Tahıl koridoru, zirveler ve Türkiye’nin politikası
***
Kuşkusuz tahıl koridorunun kurulması Rusya-Ukrayna Savaşı başladığından beri en ümit verici gelişme. Ancak önce ateşkes ve sonra barışa ulaşmak için daha çok yol yürünmeli. Türkiye bu amaçla yeni diplomatik inisiyatifler almaya devam edecek. Nitekim Cumhurbaşkanı Erdoğan imza töreninde "Savaşın kazananı olmaz" diyerek "adil barış" çağrısı yaptı. Ne yazık ki bu savaşın taraflarının ve destekçilerinin savaşı sürdürme gücü ve kararlılığı yakın vadede bir barışa işaret etmiyor. Rusya'nın Ukrayna işgali ve Batı'nın buna tepkisi "Avrupa'da bir savaş ya da güvenlik krizi" olmakla kalmıyor. Aslında bu işgal ve sonrası yeni bir uluslararası ortam oluşuyor. Enerji, gıda ve emtia krizlerinin küresel bir resesyonu tetiklediği konuşuluyor.
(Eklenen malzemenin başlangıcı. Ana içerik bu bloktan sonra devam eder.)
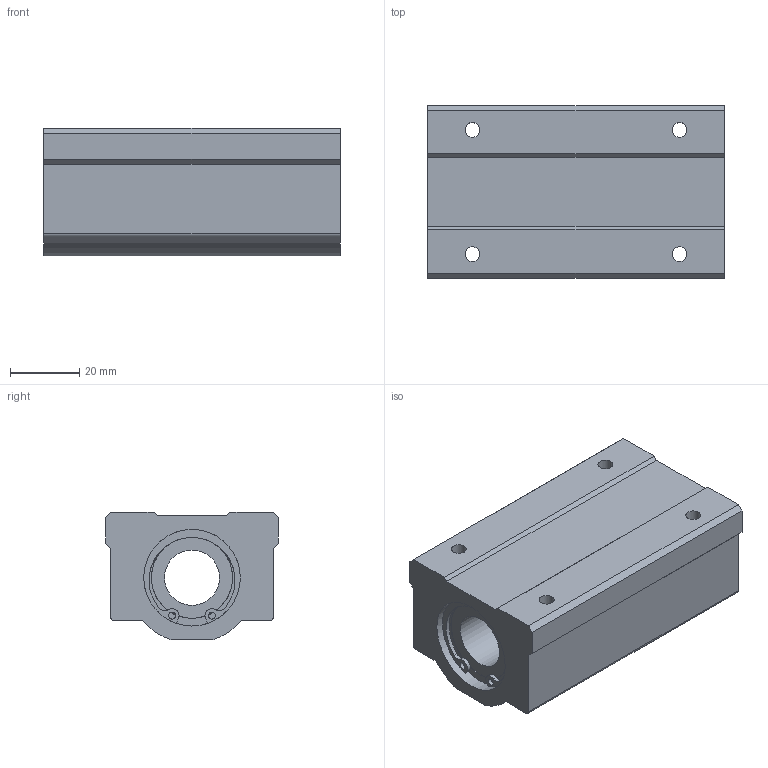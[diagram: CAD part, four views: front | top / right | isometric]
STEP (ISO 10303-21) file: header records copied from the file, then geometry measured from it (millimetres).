
FILE_DESCRIPTION((''),'2;1');
FILE_NAME('D:\製品 (図面)\カタログ用3D\メンテナンスフリー関連\STEP形式\LHW-MF\LHW16MF.stp','2010-06-01T16:10:13',('Tsuchiya'),(''),'Autodesk Inventor 10','Autodesk Inventor 10','');
FILE_SCHEMA(('AUTOMOTIVE_DESIGN { 1 0 10303 214 1 1 1 1 }'));
Length unit declared in the file: millimetre
Products named in the file (1): LHW16MF
Bounding box: 86 x 50 x 37 mm (x, y, z)
Volume: 116254.5 mm3; surface area: 23848.7 mm2
Topology: 1 solids, 3 shells, 77 faces, 203 edges, 130 vertices
Faces by surface type: plane 40, cylinder 20, bspline 17
Full cylindrical faces by diameter (mm): 2 x2, 16 x1, 23.5 x2, 26.6 x2, 28 x4
Entity records: 2420 total; most frequent: CARTESIAN_POINT 575, DIRECTION 394, ORIENTED_EDGE 348, EDGE_CURVE 174, AXIS2_PLACEMENT_3D 159, VERTEX_POINT 118, EDGE_LOOP 114, CIRCLE 98
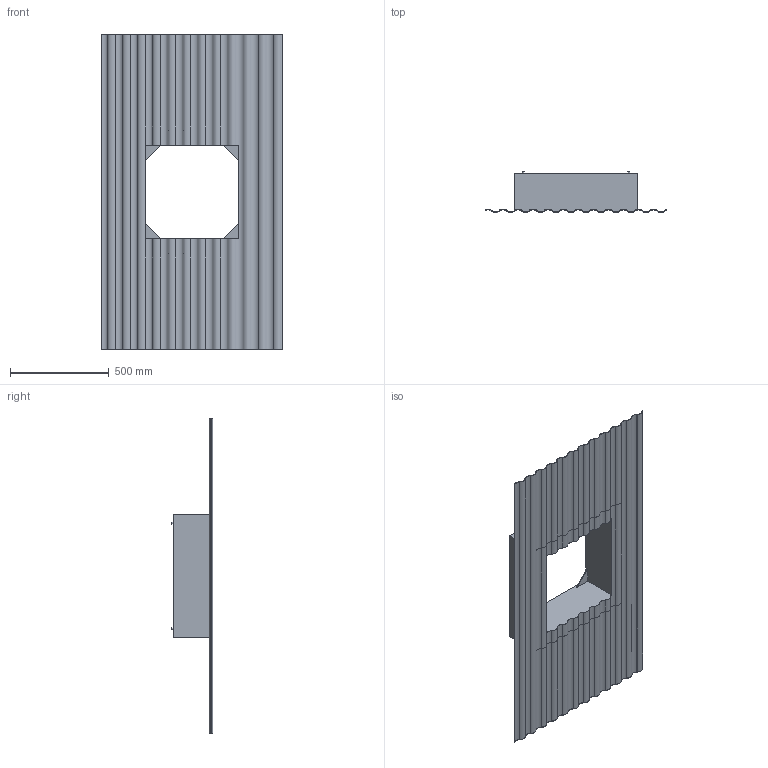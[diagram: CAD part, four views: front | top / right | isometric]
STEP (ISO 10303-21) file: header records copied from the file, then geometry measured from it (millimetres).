
FILE_DESCRIPTION(/* description */ (''),/* implementation_level */ '2;1');
FILE_NAME(/* name */ 'Z:\Output\WDS_355-400-01562-001.stp',/* time_stamp */ '2017-11-10T11:51:37+01:00',/* author */ ('engineering1'),/* organization */ (''),/* preprocessor_version */ 'ST-DEVELOPER v16.5',/* originating_system */ 'Autodesk Inventor 2017',/* authorisation */ '');
FILE_SCHEMA (('AUTOMOTIVE_DESIGN { 1 0 10303 214 3 1 1 }'));
Length unit declared in the file: millimetre
Products named in the file (1): WDS
Bounding box: 920.98 x 209.9 x 1600 mm (x, y, z)
Volume: 34201945.6 mm3; surface area: 3595152.5 mm2
Topology: 1 solids, 1 shells, 110 faces, 315 edges, 210 vertices
Faces by surface type: cylinder 81, plane 29
Full cylindrical faces by diameter (mm): 10 x4
Entity records: 3703 total; most frequent: DIRECTION 703, CARTESIAN_POINT 632, ORIENTED_EDGE 622, EDGE_CURVE 311, AXIS2_PLACEMENT_3D 281, VERTEX_POINT 210, CIRCLE 170, LINE 141
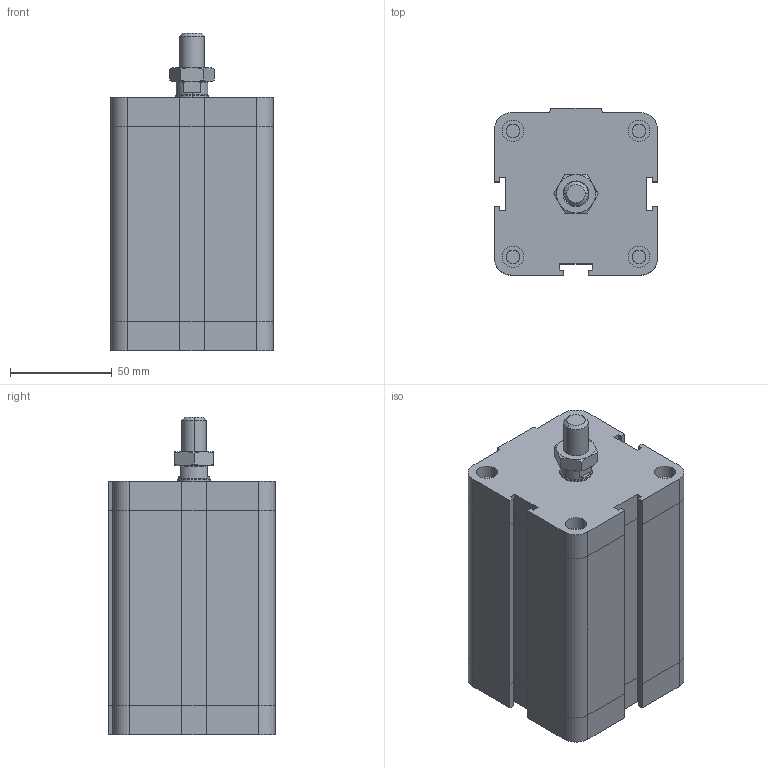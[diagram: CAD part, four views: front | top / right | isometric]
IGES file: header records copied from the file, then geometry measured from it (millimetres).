
Global section: file name: No Iges File Name specified; native system: Autodesk Inventor 2009; preprocessor: AutoDesk Inventor Iges Exporter R2009; author: rivolro1; date: 20081219.162536; units: millimetre
Bounding box: 80 x 82 x 156.5 mm (x, y, z)
Volume: 766036.4 mm3; surface area: 74782.3 mm2
Topology: 3 solids, 3 shells, 216 faces, 472 edges, 282 vertices
Faces by surface type: plane 121, bspline 37, cylinder 20, cone 20, revolution 18

Daha önemlisi Batı ve Rusya arasında yeni bir soğuk savaşın başladığı ileri sürülüyor. Batı hegemonyasının bittiği ve çok kutuplu ortamda yeni büyük güç rekabetinin cereyan ettiği vurgulanıyor.***
Bu yeni rekabet Batı ve Sovyetler Birliği arasındaki eski soğuk savaş ortamından farklı bir atmosfer oluşturuyor. Biden yönetiminin "demokrasiler vs otoriterler" söylemi "komünizm tehlikesinin" yerine geçebilecek bir ideolojik sermaye oluşturmuyor. Çin, Hindistan ve diğer küresel-bölgesel güçler Batı-Rusya kutuplaşmasında taraf olmadığı gibi yeni bir jeopolitik ortam üretecek şekilde inisiyatifler alıyor. Rusya'nın izolasyona direnci "Batı sonrası dönem" gidişi ve çok kutupluluğu hızlandırıyor. Böylece büyük güç rekabetinin asıl konusu olan ABD-Çin çekişmesi yeni bir düzleme taşınıyor. Rusya'nın izolasyonunda ısrarın Çin ile Rusya'nın yakınlaşmasının kalıcı hale getirebileceğini düşünen Washington'daki uzmanlar endişeli. Rusya pes etmedikçe Batı'nın izolasyon çabası etkisini yitirecek. Zira Moskova, Batı başkentleri ile bozulan ilişkilerini diğer dünya başkentleri ile telafi etme yönüne gidiyor. Tahran Zirvesi, Rusya'nın Ortadoğu'daki iddialarını bırakmadığını gösterdi. Cidde ve Tahran zirvelerinin anlamını bölgedeki güçlerin yeni bir siyaset tarzına geçtikleri realitesi ile okumak lazım. Klasik karşıt ittifaklar yaklaşımı geçerliliğini yitirdi.***
Belirsiz ve çoklu rekabetlerle dolu uluslararası ortama en hazır ülkelerden birisi Erdoğan yönetimindeki Türkiye. Son beşaltı yılda Türk dış politikasında yaşanan en büyük dönüşüm bölgesel ve küresel krizlere yaklaşımda oldu. Rusya'nın Ukrayna'yı işgali sonrası Türkiye'nin yürüttüğü diplomasi ve tahıl koridorunun açılması ile aldığı sonuç tüm dünya başkentlerinin ilgisini çekti. Erdoğan'ı dünkü Dolmabahçe başarısına götüren bazı uygulamaları şu şekilde sıralayabilirim. Kriz öncesinde ve sonrasında her tarafla görüşebilen proaktif diplomasi yürütmek. Çelişen menfaatleri rekabet ve işbirliği geriliminde yönetebilmek. Diplomatların görüşmelerinin yanı sıra liderlerin buluştuğu zirveler ile zorlu süreçlerin sürdürülmesi. Kamplaşma ya da ittifak arayışının yerine mevcut ittifak ve ikili ilişkilerin iyileştirilmesi, sorunların ise paranteze alınması. Jeopolitik değişim dönmelerinde ise parantez içerisindeki konuların yeni müzakerelere konu edilmesi.Ayrıntılar için lütfen tıklayın.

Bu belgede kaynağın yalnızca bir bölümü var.